We conclude the County met its burden to prove all required facts by clear and convincing evidence.  See Wis. Stat. § 51.20(13)(e).  There is no arguable merit to challenging the sufficiency of the evidence on appeal.

Our review of the record discloses no other potential issues for appeal.  Accordingly, this court accepts the no-merit report, affirms the orders of the circuit court and discharges appellate counsel of the obligation to represent Joseph further in this appeal.


 

Upon the foregoing reasons,

IT IS ORDERED that the orders are summarily affirmed.  See Wis. Stat. Rule 809.21.

IT IS FURTHER ORDERED that Attorney Tristan S. Breedlove is relieved from further representing Joseph A. in this matter.  See Wis. Stat. Rule 809.32(3).


 

Diane M. Fremgen

Clerk of Court of Appeals

 



[1]  This appeal is decided by one judge pursuant to Wis. Stat. § 752.31(2)(d) (2011-12).  All references to the Wisconsin Statutes are to the 2011-12 version unless otherwise noted.

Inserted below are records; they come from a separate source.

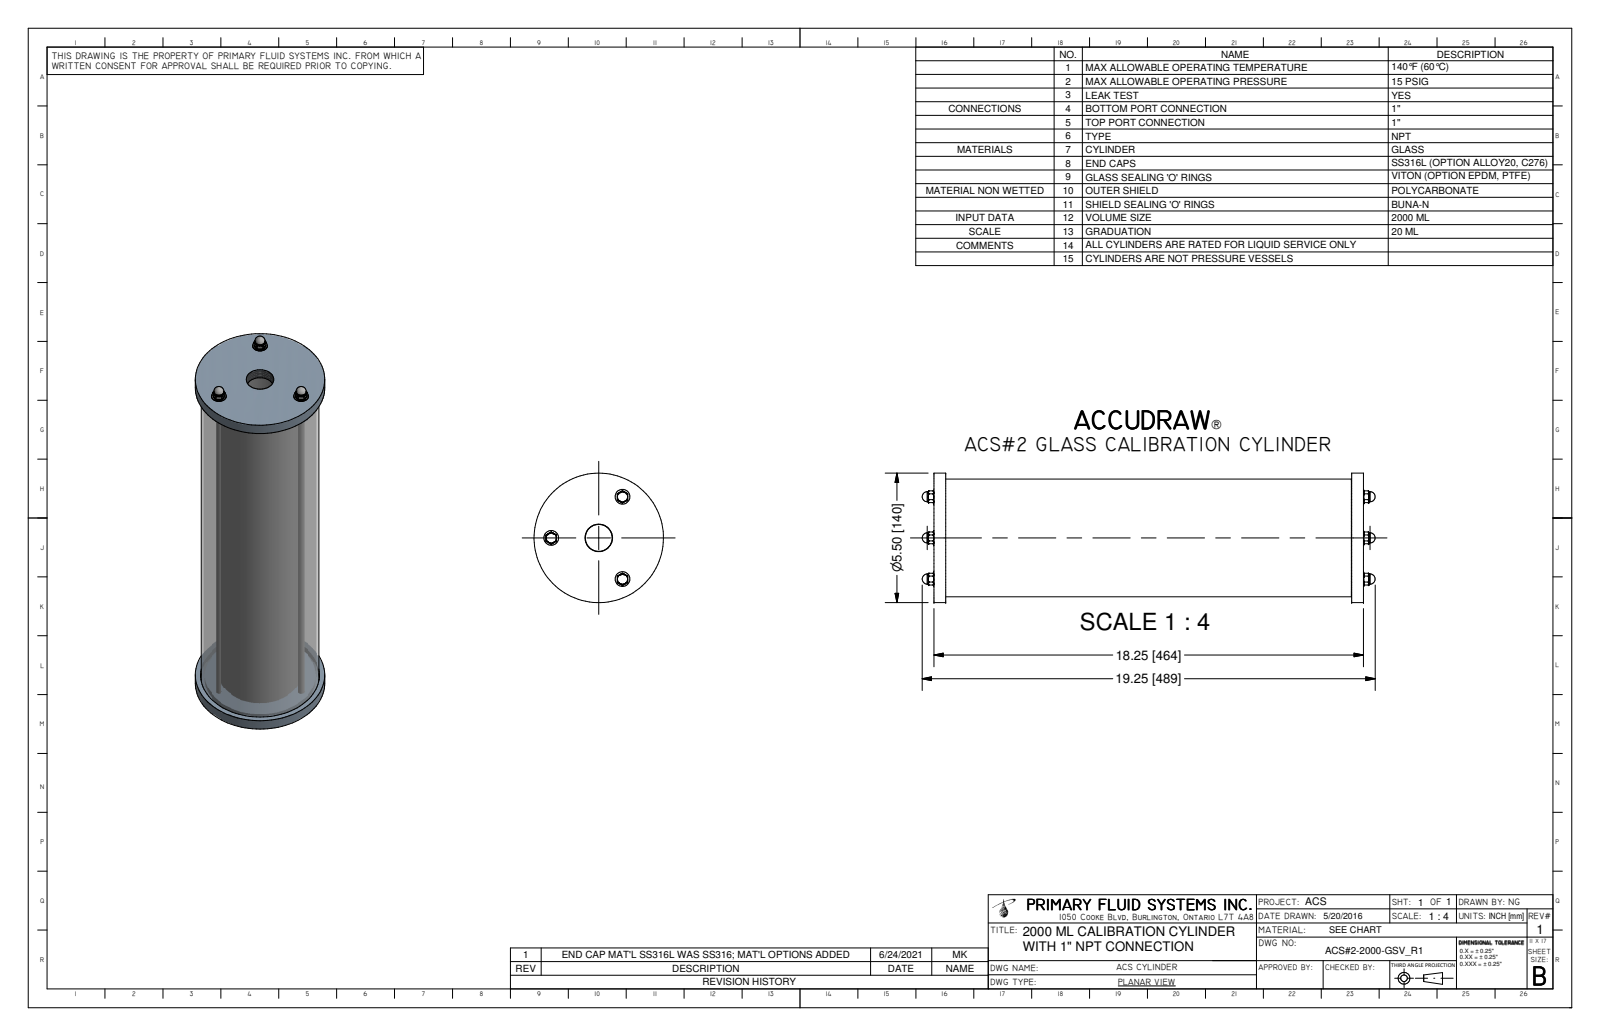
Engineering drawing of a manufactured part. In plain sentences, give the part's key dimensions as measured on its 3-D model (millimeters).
The part is named "ACS#2-2000-GSV_R0; ACS-3-2000-METAL_R3; ACS-2-2000-PC_R6; ACS-1-2000-A_R0 (+3 more)". Its 3-D file was written by "Autodesk Inventor 2009 (AUTOMOTIVE_DESIGN)". It is 19 solids with 425 faces: 38 planar, 41 cylindrical and 346 other. Overall it measures 489 by 139.7 by 139.7 millimeters. Its volume is 1 214 000 cubic millimeters and its surface area 712 300 square millimeters. Round holes: 3 of diameter 4.6, 3 of diameter 6.8, 3 of diameter 7.1, 1 of diameter 80, 1 of diameter 86.4, 1 of diameter 120.7, 1 of diameter 128.3. Round bosses or shafts: 3 of diameter 15.9, 3 of diameter 6.4, 1 of diameter 139.7, 1 of diameter 127, 1 of diameter 119.4, 1 of diameter 85, 1 of diameter 78.7. The main face-to-face distances are 12.7, 450.9, 463.6, 438.2, 5.7, 457.8, 7, 445.1, 2.5, 454.7. The hole center spacings are 51.3, 88.8.
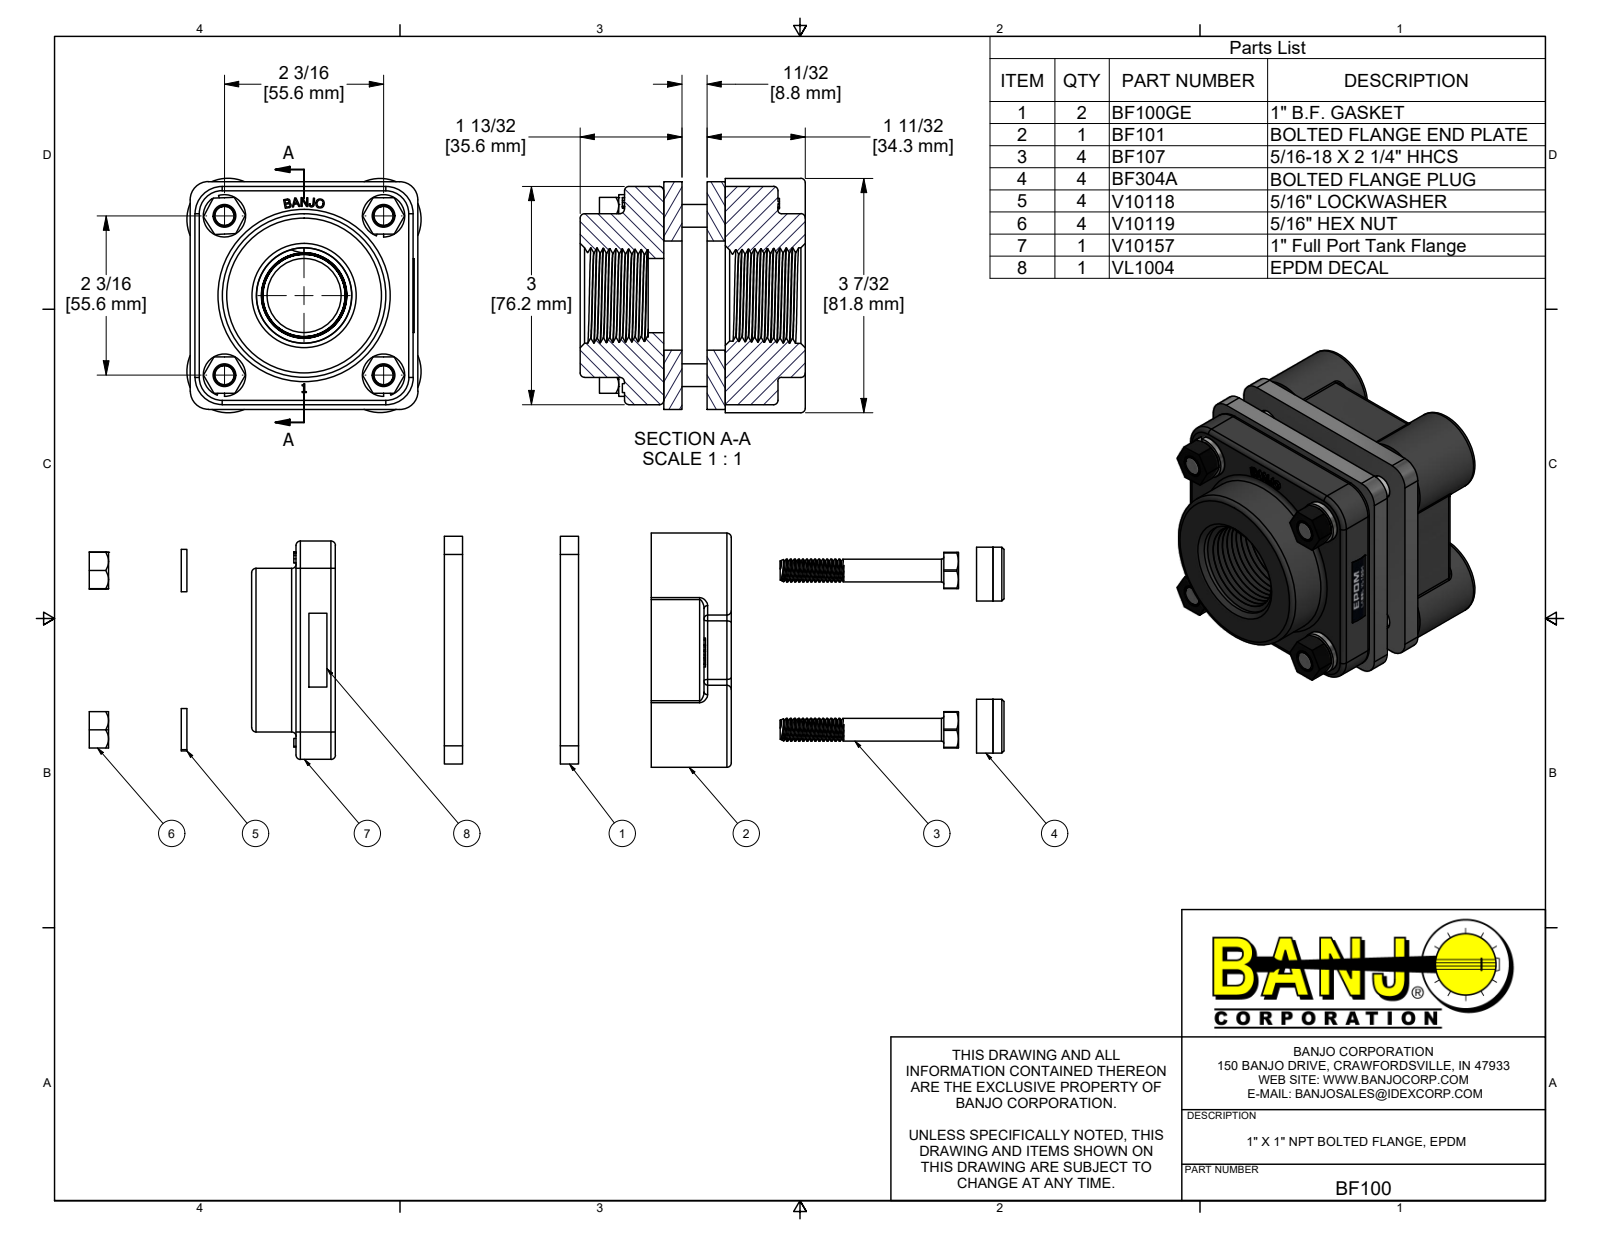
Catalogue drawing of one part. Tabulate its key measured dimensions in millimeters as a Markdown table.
| quantity | value |
| --- | --- |
| part name | BF100; BF101; BF107; BF304A (+5 more) |
| STEP written by | Autodesk Inventor 2019 (AUTOMOTIVE_DESIGN) |
| units | millimeters |
| bodies | 21 solids, 1308 faces (490 planar, 322 cylindrical, 496 other) |
| overall size | 534.4 × 81.8 × 81.8 |
| volume | 302 300 mm³ |
| surface area | 148 100 mm² |
| round holes (diameter × count) | 6.4 × 4, 8.2 × 4, 8.6 × 4, 8.7 × 4, 8.9 × 4, 18.3 × 4, 18.9 × 4, 25.9 × 1, 38.1 × 1 |
| round bosses / shafts (diameter × count) | 6.8 × 60, 18.8 × 4, 14.8 × 4, 8 × 4, 57.2 × 1 |
| partial cylindrical surfaces (radius × count) | 1.5 × 20, 1.3 × 8, 3.4 × 8, 6.4 × 4, 7.2 × 4, 9.5 × 4, 14.4 × 4, 9.5 × 1 |
| main face-to-face distances | 6.4, 15.1, 21.5, 8.8, 1.7, 77.9, 43.1, 27.9, 63.1, 34.3 |
| hole center spacings | 54.3, 54.5, 55.7, 1.8, 2, 37.5, 39.3, 39.5 |

[2]  Joseph’s motion to extend the time to file a response to the no-merit report was granted.  The response time was extended to September 30, 2013, but Joseph did not file a response. 

[3]  Zerrien was asked whether after explaining the advantages and disadvantages of treatment to Joseph, “is he capable of expressing an understanding of those advantages, disadvantages, or applying them to his own situation so as to make an informed choice?”  Zerrien answered, “I don’t feel that he has insight into his mental illness and can make an informed choice about treatment.”  When asked if it was his opinion that Joseph “is not able to apply how those benefits will benefit him to make an informed choice,” Zerrien replied, “He does not appreciate the benefits.” 

[4]  The circuit court’s finding was that Joseph “is not capable of expressing an understanding concerning the advantages and disadvantages of medication and how they would benefit him.”  This appears to be a finding under Wis. Stat. § 51.61(1)(g)4.a.  We question whether the record supports a finding that Joseph was unable to express an understanding of the advantages and disadvantages, particularly in light of the finding that Joseph assessed the bad and good value to treatment.  We decide as question of law whether statutory recommitment requirements are satisfied.  See K.N.K. v. Buhler, 139 Wis. 2d 190, 198, 407 N.W.2d 281 (Ct. App. 1987).  Section 51.61(1)(g)4.b. was satisfied by Zerrien’s testimony.